NEDLANDS: 2/141 Stirling Highway

FREMANTLE: 85 South St, Beaconsfield


Sri Lanka

The following information provides some broad and general guidelines about health risks and recommendations for travel to Sri Lanka. It should not be taken as a substitute for a personal consultation with one of our travel health doctors, whose advice will be specific for you and your trip and may include some things not mentioned here.


Most Common Health Issues

Travellers’ Diarrhoea and Respiratory Illness
Observe strict food and water safety precautions and hand hygiene. Consider taking a water filter and well stocked kit with guidelines for treatment. Seek medical advice if persistent or severe illness, particularly for infants, the elderly or those with underlying medical conditions.

Dengue fever and Chikungunya
Both preventable by taking precautions to avoid mosquito bites, particularly during the daytime in urban areas. In 2016 almost 50000 cases of dengue fever were reported, around half of which occurred in Colombo or surrounding areas. No vaccine is available for either of these diseases.

Japanese Encephalitis
This serious but rare mosquito borne illness occurs mainly in rural areas, particularly in the wet season. Vaccination is available for those at high risk.

Animal Bites and Wounds
Avoid being bitten or scratched by any mammal. Consider pre-travel rabies vaccination (well before travel) for extended trips or where contact with animals is likely. Whether pre-vaccinated or not, thoroughly flush and disinfect any animal wound and seek prompt medical care for post exposure vaccination and wound care.

Dehydration and heat stroke
Ensure adequate hydration, avoid prolonged periods in the sun and rest/cool down to treat. If severe seek medical attention.

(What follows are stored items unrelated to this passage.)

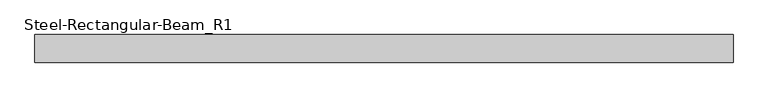
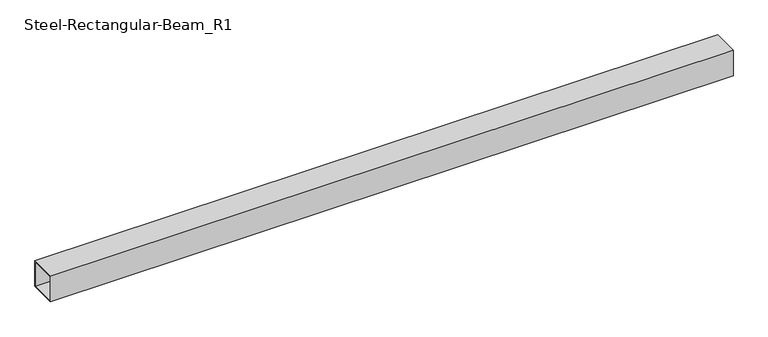
"""IFC4 building model written with IfcOpenShell, lengths in millimetres: beam geometry, Steel-Rectangular-Beam_R1 : BM125_RT-100x100x4.0_RB1."""

from ifc_helpers import new_model, si_unit, frame, origin, place, context, project, spatial, polyline, outline, extrude, source, transform, mapped, element, save


def steel_rectangular_beam_r1_1c4b02f8(model_context):
    return source(origin(), model_context, "Body", "SweptSolid", [
        extrude(outline(polyline([(-50.0, 50.0), (50.0, 50.0), (50.0, -50.0), (-50.0, -50.0), (-50.0, 50.0)]), holes=[polyline([(46.0, -46.0), (46.0, 46.0), (-46.0, 46.0), (-46.0, -46.0), (46.0, -46.0)])]), frame((-2955.3, 0.0, 0.0), z_axis=(1.0, 0.0, 0.0), x_axis=(0.0, 1.0, 0.0)), (0.0, 0.0, 1.0), 2529.1991316),
        extrude(outline(polyline([(-50.0, 50.0), (50.0, 50.0), (50.0, -50.0), (-50.0, -50.0), (-50.0, 50.0)]), holes=[polyline([(46.0, -46.0), (46.0, 46.0), (-46.0, 46.0), (-46.0, -46.0), (46.0, -46.0)])]), frame((-2955.3, 0.0, 0.0), z_axis=(1.0, 0.0, 0.0), x_axis=(0.0, 1.0, 0.0)), (0.0, 0.0, 1.0), 2529.1991316),
        extrude(outline(polyline([(-50.0, 50.0), (50.0, 50.0), (50.0, -50.0), (-50.0, -50.0), (-50.0, 50.0)]), holes=[polyline([(46.0, -46.0), (46.0, 46.0), (-46.0, 46.0), (-46.0, -46.0), (46.0, -46.0)])]), frame((-2955.3, 0.0, 0.0), z_axis=(1.0, 0.0, 0.0), x_axis=(0.0, 1.0, 0.0)), (0.0, 0.0, 1.0), 2529.1991316),
        extrude(outline(polyline([(-50.0, 50.0), (50.0, 50.0), (50.0, -50.0), (-50.0, -50.0), (-50.0, 50.0)]), holes=[polyline([(46.0, -46.0), (46.0, 46.0), (-46.0, 46.0), (-46.0, -46.0), (46.0, -46.0)])]), frame((-2955.3, 0.0, 0.0), z_axis=(1.0, 0.0, 0.0), x_axis=(0.0, 1.0, 0.0)), (0.0, 0.0, 1.0), 2529.1991316),
    ])


if __name__ == "__main__":
    model = new_model("IFC4")
    model_context = context("Model", 3, world=origin())
    ifc_project = project(units=[si_unit("LENGTHUNIT", "METRE", prefix="MILLI")], contexts=[model_context])
    site = spatial("IfcSite", under=ifc_project)
    building = spatial("IfcBuilding", under=site)
    placement = place(None, origin())
    steel_rectangular_beam_r1_shape = steel_rectangular_beam_r1_1c4b02f8(model_context)
    element("IfcBeam", 1, ObjectType="Steel-Rectangular-Beam_R1 : BM125_RT-100x100x4.0_RB1", at=placement, inside=building, context=model_context, shape_type="MappedRepresentation", body=[
        mapped(steel_rectangular_beam_r1_shape, transform((0.0, 0.0, 0.0), x_axis=(1.0, 0.0, 0.0), y_axis=(0.0, 1.0, 0.0), z_axis=(0.0, 0.0, 1.0))),
    ])
    save(model, "model.ifc")

# Revit data of these elements
# Type "Steel-Rectangular-Beam_R1 : BM125_RT-100x100x4.0_RB1"
#   SteelWeight = "Light"
#   t = 4 mm
#   Mass per Unit Length = 11.70 kg/m
#   Surface Area = 0.40 m²/m
#   Section Area = 14.95 cm²
#   Length [instance default] = 3000 mm
#   H = 100 mm
#   B = 100 mm
#   hec_material4 [instance default] = none
#   hec_material3 [instance default] = none
#   hec_material2 [instance default] = none
#   hec_material1 [instance default] = none
#   Structural Material [instance default] = none
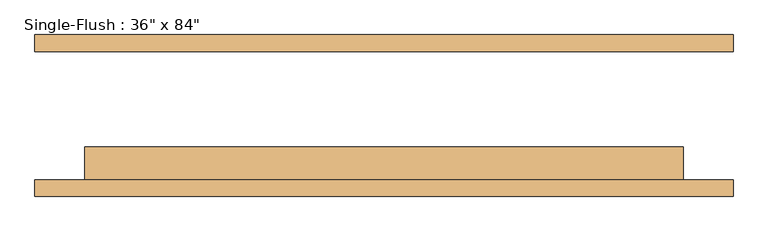
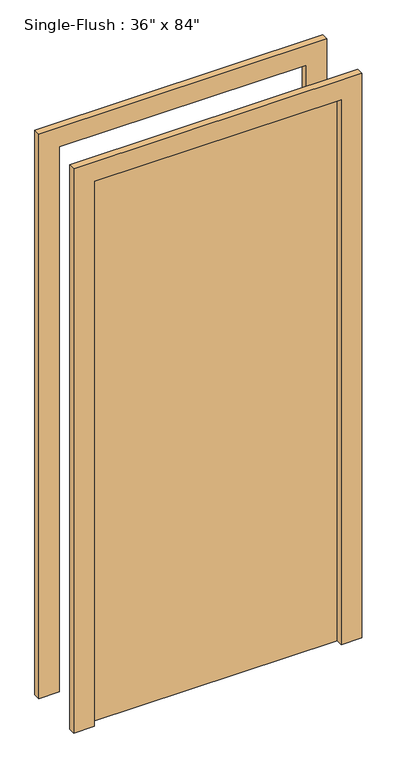
"""IFC4 building model written with IfcOpenShell, lengths in millimetres: door geometry."""

from ifc_helpers import new_model, si_unit, frame, origin, origin_with_axes, place, context, project, spatial, polyline, outline, extrude, source, transform, mapped, element, save


def door_4c327cca(model_context):
    return source(origin(), model_context, "Body", "SweptSolid", [
        extrude(outline(polyline([(2209.8, -533.4), (0.0, -533.4), (0.0, -457.2), (2133.6, -457.2), (2133.6, 457.2), (0.0, 457.2), (0.0, 533.4), (2209.8, 533.4), (2209.8, -533.4)])), frame((0.0, -123.825, 0.0), z_axis=(0.0, 1.0, 0.0), x_axis=(0.0, 0.0, 1.0)), (0.0, 0.0, 1.0), 25.4),
        extrude(outline(polyline([(2209.8, 533.4), (2209.8, -533.4), (0.0, -533.4), (0.0, -457.2), (2133.6, -457.2), (2133.6, 457.2), (0.0, 457.2), (0.0, 533.4), (2209.8, 533.4)])), frame((0.0, 98.425, 0.0), z_axis=(0.0, 1.0, 0.0), x_axis=(0.0, 0.0, 1.0)), (0.0, 0.0, 1.0), 25.4),
        extrude(outline(polyline([(457.2, -47.625), (457.2, -98.425), (-457.2, -98.425), (-457.2, -47.625), (457.2, -47.625)])), origin_with_axes(), (0.0, 0.0, 1.0), 2133.6),
    ])


if __name__ == "__main__":
    model = new_model("IFC4")
    model_context = context("Model", 3, world=origin())
    ifc_project = project(units=[si_unit("LENGTHUNIT", "METRE", prefix="MILLI")], contexts=[model_context])
    site = spatial("IfcSite", under=ifc_project)
    building = spatial("IfcBuilding", under=site)
    placement = place(None, origin())
    door_shape = door_4c327cca(model_context)
    element("IfcDoor", 1, ObjectType="Single-Flush : 36\" x 84\"", at=placement, inside=building, context=model_context, shape_type="MappedRepresentation", body=[
        mapped(door_shape, transform((0.0, 0.0, 0.0), x_axis=(1.0, 0.0, 0.0), y_axis=(0.0, 1.0, 0.0), z_axis=(0.0, 0.0, 1.0))),
    ])
    save(model, "model.ifc")

# Revit data of these elements
# Type "Single-Flush : 36\" x 84\""
#   Type Mark = "1"
#   Assembly Code = "C1020"
#   Thickness = 0' - 2"
#   Height = 7' - 0"
#   Trim Projection Ext = 0' - 1"
#   Trim Projection Int = 0' - 1"
#   Trim Width = 0' - 3"
#   Width = 3' - 0"
#   Door Material = Door - Panel
#   Frame Material = Door - Frame
#   Function = (empty or 0)
#   Wall Closure = (empty or 0)
# Element 1 (IfcDoor, "Single-Flush : 36\" x 84\"")
#   Materials on its faces: "Door - Frame", "Door - Panel"
# Materials
#   "Door - Panel": class "Wood", colour RGB 114 82 51, transparency 0
#   "Door - Frame": class "Miscellaneous", colour RGB 153 76 43, transparency 0

Natural Disasters and Security Issues
Monsoon season in the Southwest is May through to October. Heavy rains may result in severe flooding and landslides. Keep an eye on the news. Security and other travel issues are well documented on the Australian government’s Smart Traveller website.

As well as being up to date for routine childhood vaccines such as tetanus, measles and hepatitis B, the following vaccines are often recommended – hepatitis A, typhoid, rabies, Japanese encephalitis, cholera and influenza. Decisions regarding which are most appropriate depend on duration and nature of travel, itinerary, age and underlying medical conditions. These and other issues will be discussed during your consultation.